Supporting Evidence: Rinehart • The narrator seems to understand that every person has a truth and that it is spoken in another way. "It was as true as I was true...Perhaps the truth was always a lie." (Ellison 498) The narrator, through Rinehart begins to see that maybe his understanding was not what he thought it was and that Rinehart was playing the game the narrator was supposed to play.
So What: Rinehart • The people's acceptance of the Narrator's disguise as Rinehart shows how they chose to see what they wanted instead of seeing the truth. This also shows a change in the narrator. As a young man, he was always the one deceived by his the disguise but now he is the one deceiving others. This exemplifies how the narrator has been disguising himself as what others want him to be since as far back as the battle royale.
So What: Rinehart • Rinehart, and his array of multiple disguises, are an extreme example of the deception of disguise. Rinehart reveals how people, in mass, can be betrayed by a single person. Although he has encountered people who have become powerful due to their disguises in his past, this is the moment where the narrator is hit with the possibilities that the power of disguise can give a person.
Supporting Evidence: Brother Hambro • "It's a risk which we must take. All of us must sacrifice for the good of the whole. Change is achieved through sacrifice." (Ellison 502) The brotherhood worries about the pressing needs of the whole brotherhood rather than the needs of the people.
So What: Brother Hambro • As a young man, he was sacrificed by Bledsoe when he made a mistake because Bledsoe was trying to save his own skin. Likewise, he learned that the point of his speech was sacrificed for the entertainment of the white people down south. The narrator understands that the brotherhood disguised him from their goal of bettering themselves because in order to do that, they had to sacrifice the narrator and the rest of Harlem. This time, the narrator seems to understand the brotherhood did not have the good intentions he believed they had originally had. He figured out that he had also disguised himself from the reality that the brotherhood was shedding his people for the good of the brotherhood as a whole, giving him a need for revenge.

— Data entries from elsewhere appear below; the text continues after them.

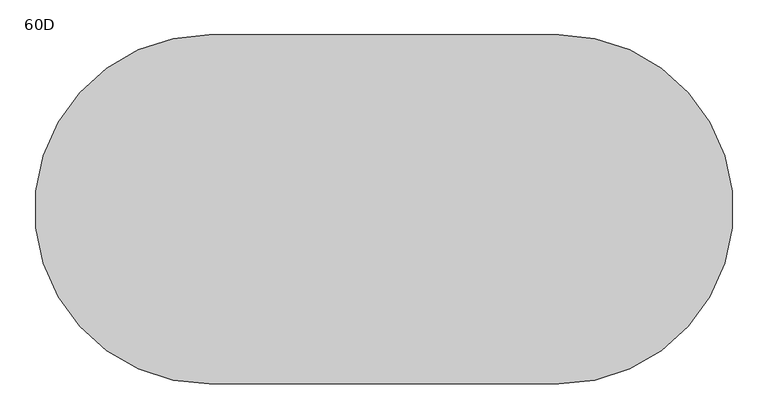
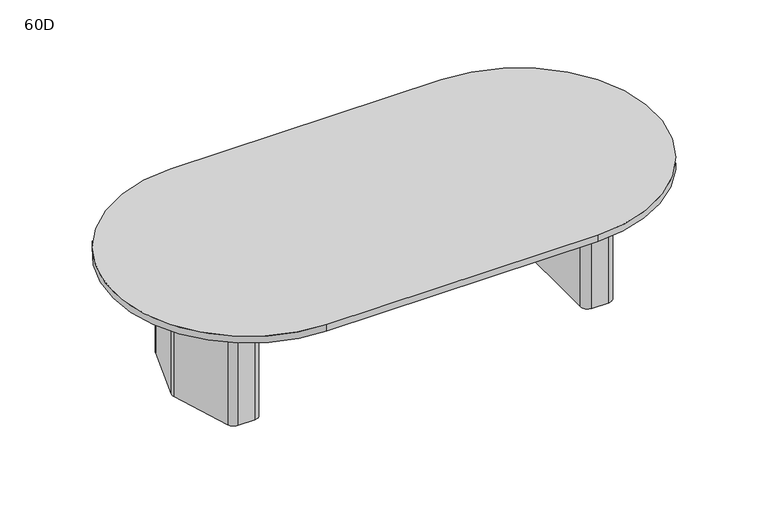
"""IFC4 building model written with IfcOpenShell, lengths in millimetres: furniture geometry, Coalesse_AM_Table_Conference_ETable2_Racetrack_10ft_TwoBase : 60D."""

import ifcopenshell
import ifcopenshell.guid

model = None  # the IFC model being written
_history = None  # IfcOwnerHistory: only IFC2X3 demands one
_inside = {}  # id of a spatial element -> (the spatial element, [elements in it])
_under = {}  # id of a project, library or spatial element -> (it, [spatial elements below it])
_declared = {}  # id of a project -> (the project, [libraries it declares])
_typed = {}  # id of a type object -> (the type object, [elements of that type])
_made_of = {}  # id of a material, layer set ... -> (it, [elements and type objects made of it])


def new_model(schema):
    """Start an empty IFC model of exactly this schema.

    Asked for "IFC4X3", IfcOpenShell would pick the latest addendum, in which some entities
    have other attributes; the version numbers below select the first issue.
    IFC2X3 requires an IfcOwnerHistory on every rooted entity: one is made here for all.
    """
    global model, _history
    if schema == "IFC4X3":
        model = ifcopenshell.file(schema_version=(4, 3, 0, 0))
    else:
        model = ifcopenshell.file(schema=schema)
    _inside.clear()
    _under.clear()
    _declared.clear()
    _typed.clear()
    _made_of.clear()
    _history = None
    if model.schema == "IFC2X3":
        org = make("IfcOrganization", Name="unknown")
        user = make(
            "IfcPersonAndOrganization",
            ThePerson=make("IfcPerson", FamilyName="unknown"),
            TheOrganization=org,
        )
        app = make(
            "IfcApplication",
            ApplicationDeveloper=org,
            Version="unknown",
            ApplicationFullName="unknown",
            ApplicationIdentifier="unknown",
        )
        _history = make(
            "IfcOwnerHistory",
            OwningUser=user,
            OwningApplication=app,
            ChangeAction="ADDED",
            CreationDate=0,
        )
    return model


def make(cls, **values):
    """One entity of the class cls with the attributes given. An attribute that is None is left unset."""
    return model.create_entity(
        cls, **{name: value for name, value in values.items() if value is not None}
    )


def rooted(cls, **values):
    """An entity with a GlobalId (a new one), such as an element, a storey or a relation."""
    return make(cls, GlobalId=ifcopenshell.guid.new(), OwnerHistory=_history, **values)


def si_unit(unit_type, name, prefix=None):
    """IfcSIUnit, for example si_unit("LENGTHUNIT", "METRE", prefix="MILLI")."""
    return make("IfcSIUnit", UnitType=unit_type, Prefix=prefix, Name=name)


def assignment(units):
    """IfcUnitAssignment: the units of a project."""
    return None if units is None else make("IfcUnitAssignment", Units=units)


def point(xyz):
    """IfcCartesianPoint."""
    return None if xyz is None else make("IfcCartesianPoint", Coordinates=xyz)


def direction(xyz):
    """IfcDirection."""
    return None if xyz is None else make("IfcDirection", DirectionRatios=xyz)


def frame(location, z_axis=None, x_axis=None):
    """IfcAxis2Placement3D, a coordinate frame: its origin and axes. An axis left out is left unset."""
    return make(
        "IfcAxis2Placement3D",
        Location=point(location),
        Axis=direction(z_axis),
        RefDirection=direction(x_axis),
    )


def frame_2d(location, x_axis=None):
    """IfcAxis2Placement2D, a coordinate frame in the plane: its origin and x axis."""
    return make(
        "IfcAxis2Placement2D", Location=point(location), RefDirection=direction(x_axis)
    )


def origin():
    """The frame at (0, 0, 0) with its axes left unset."""
    return frame((0.0, 0.0, 0.0))


def origin_with_axes():
    """The frame at (0, 0, 0) with the z axis (0, 0, 1) and the x axis (1, 0, 0) written out."""
    return frame((0.0, 0.0, 0.0), z_axis=(0.0, 0.0, 1.0), x_axis=(1.0, 0.0, 0.0))


def place(relative_to, where):
    """IfcLocalPlacement: puts the frame where relative to a parent placement (None: the world)."""
    return make(
        "IfcLocalPlacement", PlacementRelTo=relative_to, RelativePlacement=where
    )


def context(
    kind, dimensions, precision=None, world=None, true_north=None, identifier=None
):
    """IfcGeometricRepresentationContext, for example the 3D "Model" context."""
    return make(
        "IfcGeometricRepresentationContext",
        ContextIdentifier=identifier,
        ContextType=kind,
        CoordinateSpaceDimension=dimensions,
        Precision=precision,
        WorldCoordinateSystem=world,
        TrueNorth=true_north,
    )


def project(units=None, contexts=None):
    """IfcProject with its units and contexts."""
    return rooted(
        "IfcProject",
        Name="project",
        RepresentationContexts=contexts,
        UnitsInContext=assignment(units),
    )


def spatial(cls, under=None, at=None, **own):
    """A site, building, storey or space (cls), placed at a placement, below another one or the project."""
    s = rooted(cls, ObjectPlacement=at, **own)
    if under is not None:
        _under.setdefault(under.id(), (under, []))[1].append(s)
    return s


def polyline(points):
    """IfcPolyline through the points."""
    return make("IfcPolyline", Points=[point(p) for p in points])


def circle_curve(where, radius):
    """IfcCircle in the frame where."""
    return make("IfcCircle", Position=where, Radius=radius)


def trimmed(basis, trim1, trim2, sense, master):
    """IfcTrimmedCurve: the piece of a basis curve between two trims."""
    return make(
        "IfcTrimmedCurve",
        BasisCurve=basis,
        Trim1=trim1,
        Trim2=trim2,
        SenseAgreement=sense,
        MasterRepresentation=master,
    )


def segment(curve, same_sense, transition):
    """IfcCompositeCurveSegment."""
    return make(
        "IfcCompositeCurveSegment",
        Transition=transition,
        SameSense=same_sense,
        ParentCurve=curve,
    )


def composite_curve(segments, self_intersect=None):
    """IfcCompositeCurve: segments joined end to end."""
    return make("IfcCompositeCurve", Segments=segments, SelfIntersect=self_intersect)


def outline(outer, holes=None, kind="AREA"):
    """IfcArbitraryClosedProfileDef: a profile drawn as a closed curve; with holes, ...WithVoids."""
    if holes is None:
        return make("IfcArbitraryClosedProfileDef", ProfileType=kind, OuterCurve=outer)
    return make(
        "IfcArbitraryProfileDefWithVoids",
        ProfileType=kind,
        OuterCurve=outer,
        InnerCurves=holes,
    )


def extrude(swept, where, along, depth):
    """IfcExtrudedAreaSolid: the profile swept, set in the frame where, extruded along a direction by depth."""
    return make(
        "IfcExtrudedAreaSolid",
        SweptArea=swept,
        Position=where,
        ExtrudedDirection=direction(along),
        Depth=depth,
    )


def shape(context_of_items, identifier, shape_type, items):
    """IfcShapeRepresentation: the items that make up one representation, for example the "Body"."""
    return make(
        "IfcShapeRepresentation",
        ContextOfItems=context_of_items,
        RepresentationIdentifier=identifier,
        RepresentationType=shape_type,
        Items=items,
    )


def source(mapping_origin, context_of_items, identifier, shape_type, items):
    """IfcRepresentationMap: a shape defined once, which mapped items show again and again."""
    return make(
        "IfcRepresentationMap",
        MappingOrigin=mapping_origin,
        MappedRepresentation=shape(context_of_items, identifier, shape_type, items),
    )


def transform(
    local_origin,
    x_axis=None,
    y_axis=None,
    z_axis=None,
    scale=None,
    scale2=None,
    scale3=None,
    uniform=True,
):
    """IfcCartesianTransformationOperator3D, or its non-uniform kind. x_axis, y_axis, z_axis: its Axis1, 2, 3."""
    if uniform:
        return make(
            "IfcCartesianTransformationOperator3D",
            Axis1=direction(x_axis),
            Axis2=direction(y_axis),
            LocalOrigin=point(local_origin),
            Scale=scale,
            Axis3=direction(z_axis),
        )
    return make(
        "IfcCartesianTransformationOperator3DnonUniform",
        Axis1=direction(x_axis),
        Axis2=direction(y_axis),
        LocalOrigin=point(local_origin),
        Scale=scale,
        Axis3=direction(z_axis),
        Scale2=scale2,
        Scale3=scale3,
    )


def mapped(mapping_source, mapping_target):
    """IfcMappedItem: shows the shape of a source again, moved by a transform."""
    return make(
        "IfcMappedItem", MappingSource=mapping_source, MappingTarget=mapping_target
    )


def made_of(thing, what):
    """Note that an element or type object is made of a material, layer set ...; save() writes the relation."""
    if what is not None:
        _made_of.setdefault(what.id(), (what, []))[1].append(thing)
    return thing


def element(
    cls,
    number,
    at=None,
    inside=None,
    cuts=None,
    type_object=None,
    material=None,
    context=None,
    identifier="Body",
    shape_type=None,
    held_by="IfcProductDefinitionShape",
    body=None,
    shapes=None,
    **own,
):
    """One element of the class cls, such as IfcWall. Its Tag is "e" and its number.

    at: its placement. inside: the storey or other place that contains it. cuts: it is an
    opening in that element (IfcRelVoidsElement). A single representation is given by context,
    identifier, shape_type and body (its items); several are given by shapes. held_by: the class
    of the entity that holds the representations. save() writes the other relations.
    """
    e = rooted(cls, Tag="e%d" % number, ObjectPlacement=at, **own)
    if body is not None:
        shapes = [shape(context, identifier, shape_type, body)]
    if shapes is not None:
        e.Representation = make(held_by, Representations=shapes)
    if inside is not None:
        _inside.setdefault(inside.id(), (inside, []))[1].append(e)
    if cuts is not None:
        rooted(
            "IfcRelVoidsElement", RelatingBuildingElement=cuts, RelatedOpeningElement=e
        )
    if type_object is not None:
        _typed.setdefault(type_object.id(), (type_object, []))[1].append(e)
    return made_of(e, material)


def aggregate(whole, parts):
    """IfcRelAggregates: a whole, such as a stair, and the parts it consists of."""
    return rooted("IfcRelAggregates", RelatingObject=whole, RelatedObjects=parts)


def save(model, path):
    """Write the relations noted so far, then the file.

    IfcRelAggregates (storeys below a building ...), IfcRelContainedInSpatialStructure (elements
    in a storey), IfcRelDefinesByType, IfcRelAssociatesMaterial and IfcRelDeclares: one each for
    every whole, place, type object, material and project.
    """
    for whole, parts in _under.values():
        aggregate(whole, parts)
    for where, things in _inside.values():
        rooted(
            "IfcRelContainedInSpatialStructure",
            RelatedElements=things,
            RelatingStructure=where,
        )
    for kind, things in _typed.values():
        rooted("IfcRelDefinesByType", RelatedObjects=things, RelatingType=kind)
    for what, things in _made_of.values():
        rooted("IfcRelAssociatesMaterial", RelatedObjects=things, RelatingMaterial=what)
    for by, libraries in _declared.values():
        rooted("IfcRelDeclares", RelatingContext=by, RelatedDefinitions=libraries)
    model.write(path)


def furniture_60d_9e2b0134(model_context):
    return source(origin(), model_context, "Body", "SweptSolid", [
        extrude(outline(composite_curve([segment(polyline([(1135.0625, 101.7236478), (1135.0625, -97.2761514)]), True, "CONTINUOUS"), segment(trimmed(circle_curve(frame_2d((1096.9625, -97.2761514)), 38.1), [point((1135.0625, -97.2761514))], [point((1133.2991129, -108.7330515))], False, "CARTESIAN"), True, "CONTINUOUS"), segment(polyline([(1133.2991129, -108.7330515), (1074.8745591, -294.0319001)]), True, "CONTINUOUS"), segment(trimmed(circle_curve(frame_2d((1038.5379462, -282.575)), 38.1), [point((1074.8745591, -294.0319001))], [point((1038.5379462, -320.675))], False, "CARTESIAN"), True, "CONTINUOUS"), segment(polyline([(1038.5379462, -320.675), (971.55, -320.675)]), True, "CONTINUOUS"), segment(trimmed(circle_curve(frame_2d((971.55, -282.575)), 38.1), [point((971.55, -320.675))], [point((933.45, -282.575))], False, "CARTESIAN"), True, "CONTINUOUS"), segment(polyline([(933.45, -282.575), (933.45, 282.575)]), True, "CONTINUOUS"), segment(trimmed(circle_curve(frame_2d((971.55, 282.575)), 38.1), [point((933.45, 282.575))], [point((971.55, 320.675))], False, "CARTESIAN"), True, "CONTINUOUS"), segment(polyline([(971.55, 320.675), (1042.2873998, 320.675)]), True, "CONTINUOUS"), segment(trimmed(circle_curve(frame_2d((1042.2873998, 282.575)), 38.1), [point((1042.2873998, 320.675))], [point((1078.7572049, 293.6005756))], False, "CARTESIAN"), True, "CONTINUOUS"), segment(polyline([(1078.7572049, 293.6005756), (1133.4323051, 112.7492234)]), True, "CONTINUOUS"), segment(trimmed(circle_curve(frame_2d((1096.9625, 101.7236478)), 38.1), [point((1133.4323051, 112.7492234))], [point((1135.0625, 101.7236478))], False, "CARTESIAN"), True, "CONTINUOUS")], self_intersect=False)), origin_with_axes(), (0.0, 0.0, 1.0), 3.175),
        extrude(outline(composite_curve([segment(polyline([(955.675, 381.0), (1043.8221663, 381.0)]), True, "CONTINUOUS"), segment(trimmed(circle_curve(frame_2d((1043.8221663, 339.725)), 41.275), [point((1043.8221663, 381.0))], [point((1083.1868303, 352.1366418))], False, "CARTESIAN"), True, "CONTINUOUS"), segment(polyline([(1083.1868303, 352.1366418), (1190.3018053, 12.4116418)]), True, "CONTINUOUS"), segment(trimmed(circle_curve(frame_2d((1150.9371413, 0.0)), 41.275), [point((1190.3018053, 12.4116418))], [point((1190.3018053, -12.4116418))], False, "CARTESIAN"), True, "CONTINUOUS"), segment(polyline([(1190.3018053, -12.4116418), (1083.1868303, -352.1366418)]), True, "CONTINUOUS"), segment(trimmed(circle_curve(frame_2d((1043.8221663, -339.725)), 41.275), [point((1083.1868303, -352.1366418))], [point((1043.8221663, -381.0))], False, "CARTESIAN"), True, "CONTINUOUS"), segment(polyline([(1043.8221663, -381.0), (949.325, -381.0)]), True, "CONTINUOUS"), segment(trimmed(circle_curve(frame_2d((949.325, -339.725)), 41.275), [point((949.325, -381.0))], [point((908.05, -339.725))], False, "CARTESIAN"), True, "CONTINUOUS"), segment(polyline([(908.05, -339.725), (908.05, 333.375)]), True, "CONTINUOUS"), segment(trimmed(circle_curve(frame_2d((955.675, 333.375)), 47.625), [point((908.05, 333.375))], [point((955.675, 381.0))], False, "CARTESIAN"), True, "CONTINUOUS")], self_intersect=False), holes=[composite_curve([segment(trimmed(circle_curve(frame_2d((971.55, -282.575)), 25.4), [point((946.15, -282.575))], [point((971.55, -307.975))], True, "CARTESIAN"), True, "CONTINUOUS"), segment(polyline([(971.55, -307.975), (1038.5379462, -307.975)]), True, "CONTINUOUS"), segment(trimmed(circle_curve(frame_2d((1038.5379462, -282.575)), 25.4), [point((1038.5379462, -307.975))], [point((1062.7623548, -290.2129334))], True, "CARTESIAN"), True, "CONTINUOUS"), segment(polyline([(1062.7623548, -290.2129334), (1121.1869086, -104.9140848)]), True, "CONTINUOUS"), segment(trimmed(circle_curve(frame_2d((1096.9625, -97.2761514)), 25.4), [point((1121.1869086, -104.9140848))], [point((1122.3625, -97.2761514))], True, "CARTESIAN"), True, "CONTINUOUS"), segment(polyline([(1122.3625, -97.2761514), (1122.3625, 101.7236478)]), True, "CONTINUOUS"), segment(trimmed(circle_curve(frame_2d((1096.9625, 101.7236478)), 25.4), [point((1122.3625, 101.7236478))], [point((1121.2757034, 109.0740316))], True, "CARTESIAN"), True, "CONTINUOUS"), segment(polyline([(1121.2757034, 109.0740316), (1066.6006032, 289.9253837)]), True, "CONTINUOUS"), segment(trimmed(circle_curve(frame_2d((1042.2873998, 282.575)), 25.4), [point((1066.6006032, 289.9253837))], [point((1042.2873998, 307.975))], True, "CARTESIAN"), True, "CONTINUOUS"), segment(polyline([(1042.2873998, 307.975), (971.55, 307.975)]), True, "CONTINUOUS"), segment(trimmed(circle_curve(frame_2d((971.55, 282.575)), 25.4), [point((971.55, 307.975))], [point((946.15, 282.575))], True, "CARTESIAN"), True, "CONTINUOUS"), segment(polyline([(946.15, 282.575), (946.15, -282.575)]), True, "CONTINUOUS")], self_intersect=False)]), frame((0.0, 0.0, 3.175), z_axis=(0.0, 0.0, 1.0), x_axis=(1.0, 0.0, 0.0)), (0.0, 0.0, 1.0), 695.325),
        extrude(outline(composite_curve([segment(trimmed(circle_curve(frame_2d((-1095.375, 101.7236478)), 38.1), [point((-1133.475, 101.7236478))], [point((-1131.8448051, 112.7492234))], False, "CARTESIAN"), True, "CONTINUOUS"), segment(polyline([(-1131.8448051, 112.7492234), (-1077.1697049, 293.6005756)]), True, "CONTINUOUS"), segment(trimmed(circle_curve(frame_2d((-1040.6998998, 282.575)), 38.1), [point((-1077.1697049, 293.6005756))], [point((-1040.6998998, 320.675))], False, "CARTESIAN"), True, "CONTINUOUS"), segment(polyline([(-1040.6998998, 320.675), (-969.9625, 320.675)]), True, "CONTINUOUS"), segment(trimmed(circle_curve(frame_2d((-969.9625, 282.575)), 38.1), [point((-969.9625, 320.675))], [point((-931.8625, 282.575))], False, "CARTESIAN"), True, "CONTINUOUS"), segment(polyline([(-931.8625, 282.575), (-931.8625, -282.575)]), True, "CONTINUOUS"), segment(trimmed(circle_curve(frame_2d((-969.9625, -282.575)), 38.1), [point((-931.8625, -282.575))], [point((-969.9625, -320.675))], False, "CARTESIAN"), True, "CONTINUOUS"), segment(polyline([(-969.9625, -320.675), (-1036.9504462, -320.675)]), True, "CONTINUOUS"), segment(trimmed(circle_curve(frame_2d((-1036.9504462, -282.575)), 38.1), [point((-1036.9504462, -320.675))], [point((-1073.2870591, -294.0319001))], False, "CARTESIAN"), True, "CONTINUOUS"), segment(polyline([(-1073.2870591, -294.0319001), (-1131.7116129, -108.7330515)]), True, "CONTINUOUS"), segment(trimmed(circle_curve(frame_2d((-1095.375, -97.2761514)), 38.1), [point((-1131.7116129, -108.7330515))], [point((-1133.475, -97.2761514))], False, "CARTESIAN"), True, "CONTINUOUS"), segment(polyline([(-1133.475, -97.2761514), (-1133.475, 101.7236478)]), True, "CONTINUOUS")], self_intersect=False)), origin_with_axes(), (0.0, 0.0, 1.0), 3.175),
        extrude(outline(composite_curve([segment(trimmed(circle_curve(frame_2d((-954.0875, 333.375)), 47.625), [point((-954.0875, 381.0))], [point((-906.4625, 333.375))], False, "CARTESIAN"), True, "CONTINUOUS"), segment(polyline([(-906.4625, 333.375), (-906.4625, -339.725)]), True, "CONTINUOUS"), segment(trimmed(circle_curve(frame_2d((-947.7375, -339.725)), 41.275), [point((-906.4625, -339.725))], [point((-947.7375, -381.0))], False, "CARTESIAN"), True, "CONTINUOUS"), segment(polyline([(-947.7375, -381.0), (-1042.2346663, -381.0)]), True, "CONTINUOUS"), segment(trimmed(circle_curve(frame_2d((-1042.2346663, -339.725)), 41.275), [point((-1042.2346663, -381.0))], [point((-1081.5993303, -352.1366418))], False, "CARTESIAN"), True, "CONTINUOUS"), segment(polyline([(-1081.5993303, -352.1366418), (-1188.7143053, -12.4116418)]), True, "CONTINUOUS"), segment(trimmed(circle_curve(frame_2d((-1149.3496413, 0.0)), 41.275), [point((-1188.7143053, -12.4116418))], [point((-1188.7143053, 12.4116418))], False, "CARTESIAN"), True, "CONTINUOUS"), segment(polyline([(-1188.7143053, 12.4116418), (-1081.5993303, 352.1366418)]), True, "CONTINUOUS"), segment(trimmed(circle_curve(frame_2d((-1042.2346663, 339.725)), 41.275), [point((-1081.5993303, 352.1366418))], [point((-1042.2346663, 381.0))], False, "CARTESIAN"), True, "CONTINUOUS"), segment(polyline([(-1042.2346663, 381.0), (-954.0875, 381.0)]), True, "CONTINUOUS")], self_intersect=False), holes=[composite_curve([segment(polyline([(-944.5625, -282.575), (-944.5625, 282.575)]), True, "CONTINUOUS"), segment(trimmed(circle_curve(frame_2d((-969.9625, 282.575)), 25.4), [point((-944.5625, 282.575))], [point((-969.9625, 307.975))], True, "CARTESIAN"), True, "CONTINUOUS"), segment(polyline([(-969.9625, 307.975), (-1040.6998998, 307.975)]), True, "CONTINUOUS"), segment(trimmed(circle_curve(frame_2d((-1040.6998998, 282.575)), 25.4), [point((-1040.6998998, 307.975))], [point((-1065.0131032, 289.9253837))], True, "CARTESIAN"), True, "CONTINUOUS"), segment(polyline([(-1065.0131032, 289.9253837), (-1119.6882034, 109.0740316)]), True, "CONTINUOUS"), segment(trimmed(circle_curve(frame_2d((-1095.375, 101.7236478)), 25.4), [point((-1119.6882034, 109.0740316))], [point((-1120.775, 101.7236478))], True, "CARTESIAN"), True, "CONTINUOUS"), segment(polyline([(-1120.775, 101.7236478), (-1120.775, -97.2761514)]), True, "CONTINUOUS"), segment(trimmed(circle_curve(frame_2d((-1095.375, -97.2761514)), 25.4), [point((-1120.775, -97.2761514))], [point((-1119.5994086, -104.9140848))], True, "CARTESIAN"), True, "CONTINUOUS"), segment(polyline([(-1119.5994086, -104.9140848), (-1061.1748548, -290.2129334)]), True, "CONTINUOUS"), segment(trimmed(circle_curve(frame_2d((-1036.9504462, -282.575)), 25.4), [point((-1061.1748548, -290.2129334))], [point((-1036.9504462, -307.975))], True, "CARTESIAN"), True, "CONTINUOUS"), segment(polyline([(-1036.9504462, -307.975), (-969.9625, -307.975)]), True, "CONTINUOUS"), segment(trimmed(circle_curve(frame_2d((-969.9625, -282.575)), 25.4), [point((-969.9625, -307.975))], [point((-944.5625, -282.575))], True, "CARTESIAN"), True, "CONTINUOUS")], self_intersect=False)]), frame((0.0, 0.0, 3.175), z_axis=(0.0, 0.0, 1.0), x_axis=(1.0, 0.0, 0.0)), (0.0, 0.0, 1.0), 695.325),
        extrude(outline(polyline([(96.8375, 698.5), (103.1875, 698.5), (103.1875, 476.25), (-103.1875, 476.25), (-103.1875, 698.5), (-96.8375, 698.5), (-96.8375, 482.6), (96.8375, 482.6), (96.8375, 698.5)])), frame((-906.4625, 0.0, 0.0), z_axis=(1.0, 0.0, 0.0), x_axis=(0.0, 1.0, 0.0)), (0.0, 0.0, 1.0), 1814.5125),
        extrude(outline(composite_curve([segment(trimmed(circle_curve(frame_2d((-762.0, 0.0)), 762.0), [point((-762.0, -762.0))], [point((-762.0, 762.0))], False, "CARTESIAN"), True, "CONTINUOUS"), segment(polyline([(-762.0, 762.0), (762.0, 762.0)]), True, "CONTINUOUS"), segment(trimmed(circle_curve(frame_2d((762.0, 0.0)), 762.0), [point((762.0, 762.0))], [point((762.0, -762.0))], False, "CARTESIAN"), True, "CONTINUOUS"), segment(polyline([(762.0, -762.0), (-762.0, -762.0)]), True, "CONTINUOUS")], self_intersect=False)), frame((0.0, 0.0, 698.5), z_axis=(0.0, 0.0, 1.0), x_axis=(1.0, 0.0, 0.0)), (0.0, 0.0, 1.0), 38.1),
    ])


if __name__ == "__main__":
    model = new_model("IFC4")
    model_context = context("Model", 3, world=origin())
    ifc_project = project(units=[si_unit("LENGTHUNIT", "METRE", prefix="MILLI")], contexts=[model_context])
    site = spatial("IfcSite", under=ifc_project)
    building = spatial("IfcBuilding", under=site)
    placement = place(None, origin())
    furniture_60d_shape = furniture_60d_9e2b0134(model_context)
    element("IfcFurniture", 1, ObjectType="Coalesse_AM_Table_Conference_ETable2_Racetrack_10ft_TwoBase : 60D", at=placement, inside=building, context=model_context, shape_type="MappedRepresentation", body=[
        mapped(furniture_60d_shape, transform((0.0, 0.0, 0.0), x_axis=(1.0, 0.0, 0.0), y_axis=(0.0, 1.0, 0.0), z_axis=(0.0, 0.0, 1.0))),
    ])
    save(model, "model.ifc")

Conclusion • “Vision is the art of seeing what is invisible to others.” Jonathan Swift. • The narrators discoveries of how disguises can affect what people believe is true or not is still evident in our lives. Politicians do it all the time, making us believe something that may not be true in order for us to elect them. Ellison's words were meant to explain the social injustices of his day and he revealed them through a narrator who isn't much different than you or me. He was young, only intending to find his way, through work and education. He was marred by past events at home and in college and this was the turning point in his life, where he discovered the true intentions of what people wanted him to do. Therefore, let's pose a question, "How do people intend to use you and are they blind to the real issues of humanity and how can you be made aware?"